I feel like we let a moment of unity slip through our fingers. It seems that when we collectively watched the killing of George Floyd, we were all horrified. I have friends across the political spectrum, and even those I most disagree with – the die hard Trump supporters – were as outraged by that murder as anyone. And then came the first peaceful protest, and it seemed that everyone was absolutely behind it. For a moment.

Protesters gather in downtown Minneapolis. Unrest in Minneapolis over the May 25th death of George Floyd.

Then on the fringes of the peaceful, heartfelt protests came the fringe elements – the violence, vandalism, looting. Even then, for a moment, it seemed that the facts and the narrative were that this was a few bad actors and a few bad cops causing a disturbance at an otherwise peaceful demonstration.

And then very quickly our politicians and the media, jumped in to divide us again. Inadvertently perhaps, but now we're not just divided, we're fractured. Now there are multiple "camps" within the left and right, all disagreeing with each other.

I believe this is because we have gotten so accustomed to having quick, easy answers to what's going on. We need to determine, before we have any facts, who is responsible for the rioting and looting. We demand to know and the media is compelled to fill the airwaves with something, anything, to fill our need to know.
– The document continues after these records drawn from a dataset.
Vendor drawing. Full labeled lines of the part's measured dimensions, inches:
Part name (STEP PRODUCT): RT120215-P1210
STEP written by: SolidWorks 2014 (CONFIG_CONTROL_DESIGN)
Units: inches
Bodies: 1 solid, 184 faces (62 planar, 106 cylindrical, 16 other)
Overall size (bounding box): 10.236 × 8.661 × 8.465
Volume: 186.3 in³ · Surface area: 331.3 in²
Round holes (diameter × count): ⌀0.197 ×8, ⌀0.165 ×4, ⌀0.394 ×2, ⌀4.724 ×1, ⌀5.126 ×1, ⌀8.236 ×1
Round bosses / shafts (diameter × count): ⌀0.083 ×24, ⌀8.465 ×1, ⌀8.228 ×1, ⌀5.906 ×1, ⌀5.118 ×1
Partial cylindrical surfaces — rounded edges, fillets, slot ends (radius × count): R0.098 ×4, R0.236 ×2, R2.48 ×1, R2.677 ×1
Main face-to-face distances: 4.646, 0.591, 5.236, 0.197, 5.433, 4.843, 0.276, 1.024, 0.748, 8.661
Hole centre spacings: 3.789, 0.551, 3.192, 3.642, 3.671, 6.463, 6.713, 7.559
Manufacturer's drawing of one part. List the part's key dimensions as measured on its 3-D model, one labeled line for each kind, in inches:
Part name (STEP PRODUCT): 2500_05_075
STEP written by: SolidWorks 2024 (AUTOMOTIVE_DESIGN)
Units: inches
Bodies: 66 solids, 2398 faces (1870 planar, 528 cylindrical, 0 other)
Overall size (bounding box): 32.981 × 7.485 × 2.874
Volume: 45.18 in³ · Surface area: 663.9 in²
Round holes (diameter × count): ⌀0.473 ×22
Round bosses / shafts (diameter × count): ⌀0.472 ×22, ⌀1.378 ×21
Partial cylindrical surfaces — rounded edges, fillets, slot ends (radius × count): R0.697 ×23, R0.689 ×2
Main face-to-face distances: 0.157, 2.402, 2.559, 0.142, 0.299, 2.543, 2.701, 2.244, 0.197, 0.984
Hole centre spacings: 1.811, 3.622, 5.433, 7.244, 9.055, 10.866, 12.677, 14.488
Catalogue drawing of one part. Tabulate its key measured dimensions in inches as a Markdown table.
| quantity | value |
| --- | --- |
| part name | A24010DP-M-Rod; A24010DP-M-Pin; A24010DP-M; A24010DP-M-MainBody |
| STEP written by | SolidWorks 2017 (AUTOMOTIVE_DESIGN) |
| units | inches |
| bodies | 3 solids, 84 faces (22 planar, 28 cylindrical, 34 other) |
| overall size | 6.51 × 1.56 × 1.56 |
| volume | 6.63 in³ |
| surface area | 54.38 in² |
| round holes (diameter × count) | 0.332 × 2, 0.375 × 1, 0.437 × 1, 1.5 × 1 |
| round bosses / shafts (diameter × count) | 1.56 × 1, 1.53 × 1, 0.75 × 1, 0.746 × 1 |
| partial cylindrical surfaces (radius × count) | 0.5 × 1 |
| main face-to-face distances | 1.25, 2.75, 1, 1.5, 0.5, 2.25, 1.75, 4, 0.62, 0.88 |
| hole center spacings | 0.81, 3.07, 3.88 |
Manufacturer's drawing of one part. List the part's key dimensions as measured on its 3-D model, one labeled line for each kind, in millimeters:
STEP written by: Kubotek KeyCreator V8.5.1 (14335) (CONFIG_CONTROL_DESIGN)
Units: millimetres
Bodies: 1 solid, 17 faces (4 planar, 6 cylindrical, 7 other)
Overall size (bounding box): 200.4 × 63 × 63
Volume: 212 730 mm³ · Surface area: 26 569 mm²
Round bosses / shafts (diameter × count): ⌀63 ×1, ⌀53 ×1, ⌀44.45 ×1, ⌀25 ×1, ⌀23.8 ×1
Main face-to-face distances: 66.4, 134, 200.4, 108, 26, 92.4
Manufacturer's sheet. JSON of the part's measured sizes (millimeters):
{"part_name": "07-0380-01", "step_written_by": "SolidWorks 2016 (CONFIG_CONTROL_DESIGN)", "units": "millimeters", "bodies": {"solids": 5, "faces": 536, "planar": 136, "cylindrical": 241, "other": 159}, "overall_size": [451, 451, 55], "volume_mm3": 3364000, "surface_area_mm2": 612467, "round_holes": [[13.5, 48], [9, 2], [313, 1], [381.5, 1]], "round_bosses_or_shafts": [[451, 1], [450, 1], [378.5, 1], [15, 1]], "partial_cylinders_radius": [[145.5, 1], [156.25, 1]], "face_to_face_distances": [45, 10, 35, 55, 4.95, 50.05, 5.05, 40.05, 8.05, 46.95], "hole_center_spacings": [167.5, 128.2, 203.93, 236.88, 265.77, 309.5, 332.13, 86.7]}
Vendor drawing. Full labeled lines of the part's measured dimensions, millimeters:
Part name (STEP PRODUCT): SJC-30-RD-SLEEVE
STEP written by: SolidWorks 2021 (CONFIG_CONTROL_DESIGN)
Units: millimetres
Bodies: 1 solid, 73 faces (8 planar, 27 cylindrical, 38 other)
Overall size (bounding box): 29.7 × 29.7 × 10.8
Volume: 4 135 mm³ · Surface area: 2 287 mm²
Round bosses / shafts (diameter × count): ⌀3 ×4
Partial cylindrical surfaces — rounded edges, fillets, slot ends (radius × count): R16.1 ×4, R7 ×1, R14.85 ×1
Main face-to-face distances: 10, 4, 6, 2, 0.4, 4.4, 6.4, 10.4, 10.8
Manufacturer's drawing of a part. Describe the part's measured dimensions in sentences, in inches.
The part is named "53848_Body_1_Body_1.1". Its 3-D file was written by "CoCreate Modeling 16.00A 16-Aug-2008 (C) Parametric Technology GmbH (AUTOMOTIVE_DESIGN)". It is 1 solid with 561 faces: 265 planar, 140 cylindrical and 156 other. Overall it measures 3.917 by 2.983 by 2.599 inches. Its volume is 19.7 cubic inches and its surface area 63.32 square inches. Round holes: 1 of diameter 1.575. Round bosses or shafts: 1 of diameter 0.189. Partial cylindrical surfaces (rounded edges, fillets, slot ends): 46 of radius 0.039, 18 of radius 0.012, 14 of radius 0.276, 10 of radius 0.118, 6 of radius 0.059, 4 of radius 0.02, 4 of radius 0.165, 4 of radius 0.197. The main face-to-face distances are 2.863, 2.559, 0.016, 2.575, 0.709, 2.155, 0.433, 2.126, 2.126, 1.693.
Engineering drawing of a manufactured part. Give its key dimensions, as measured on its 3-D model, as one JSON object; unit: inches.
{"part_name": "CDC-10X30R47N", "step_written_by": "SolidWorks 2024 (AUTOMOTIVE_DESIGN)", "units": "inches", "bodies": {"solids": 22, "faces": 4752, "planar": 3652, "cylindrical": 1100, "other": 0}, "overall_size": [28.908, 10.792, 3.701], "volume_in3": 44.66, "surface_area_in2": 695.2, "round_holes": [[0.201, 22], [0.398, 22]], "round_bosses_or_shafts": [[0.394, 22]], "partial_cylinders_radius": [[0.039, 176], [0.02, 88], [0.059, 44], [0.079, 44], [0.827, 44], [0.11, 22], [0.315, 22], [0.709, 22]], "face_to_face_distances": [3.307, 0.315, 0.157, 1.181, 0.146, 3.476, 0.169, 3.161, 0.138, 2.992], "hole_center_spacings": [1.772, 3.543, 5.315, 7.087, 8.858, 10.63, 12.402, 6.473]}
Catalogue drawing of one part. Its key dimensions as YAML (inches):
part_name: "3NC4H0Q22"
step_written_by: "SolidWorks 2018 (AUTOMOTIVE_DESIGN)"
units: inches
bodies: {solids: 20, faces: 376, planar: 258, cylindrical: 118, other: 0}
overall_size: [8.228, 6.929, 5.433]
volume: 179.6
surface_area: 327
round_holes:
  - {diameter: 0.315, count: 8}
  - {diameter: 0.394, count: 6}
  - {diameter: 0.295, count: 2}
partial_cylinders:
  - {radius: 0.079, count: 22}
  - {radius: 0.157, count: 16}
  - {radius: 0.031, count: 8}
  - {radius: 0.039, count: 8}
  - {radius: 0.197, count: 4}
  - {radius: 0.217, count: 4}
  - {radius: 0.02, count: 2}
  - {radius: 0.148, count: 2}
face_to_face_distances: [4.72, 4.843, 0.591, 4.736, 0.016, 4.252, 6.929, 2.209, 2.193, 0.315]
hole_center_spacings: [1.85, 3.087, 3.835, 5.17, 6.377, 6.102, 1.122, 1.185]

And politicians are eager to point blame at whatever entity will help to score points with their base. We collectively want to blame one group of people for this, and assign a single motive. That makes it easy.

  • Angry black people fed up with the way they're treated
  • White people who want to instigate and turn the protest violent to make black people seem out of control
  • Undercover police who want to further the narrative that these protesters should be handled with violence
  • Opportunistic people of any race who want to take advantage of the situation for whatever reason<
  • Radical left wingers who want to destroy our country
  • Radical right wingers who want to destroy our country

Maybe it's all of the above. Maybe there are far more reasons for it than we've heard. But it's still a small number of people amongst the masses of peaceful protesters. But now, because our focus is on the violence, that's the narrative. Now when we say "protester" we think burning buildings and looting. That's so not fair.

It is not fair to anyone, and detrimental to our unity, when we see some photos of white looters, and conclude that all the looters are white. It's not fair to anyone, to see images of black people looting and decide that all the looters are black. It's not fair to see images of cops being brutal to peaceful protesters and conclude that all cops are out of control. It's not fair to see images of some police kneeling with protesters and conclude that all cops are good and want to connect with their diverse communities.

All of that is happening, all at once. We have to open our minds to the idea that this is not something that we can wrap up in a neat package, put a label on it, and feel good that we have the answer. We don't. None of us do. This is complicated. We need to unify to resolve it.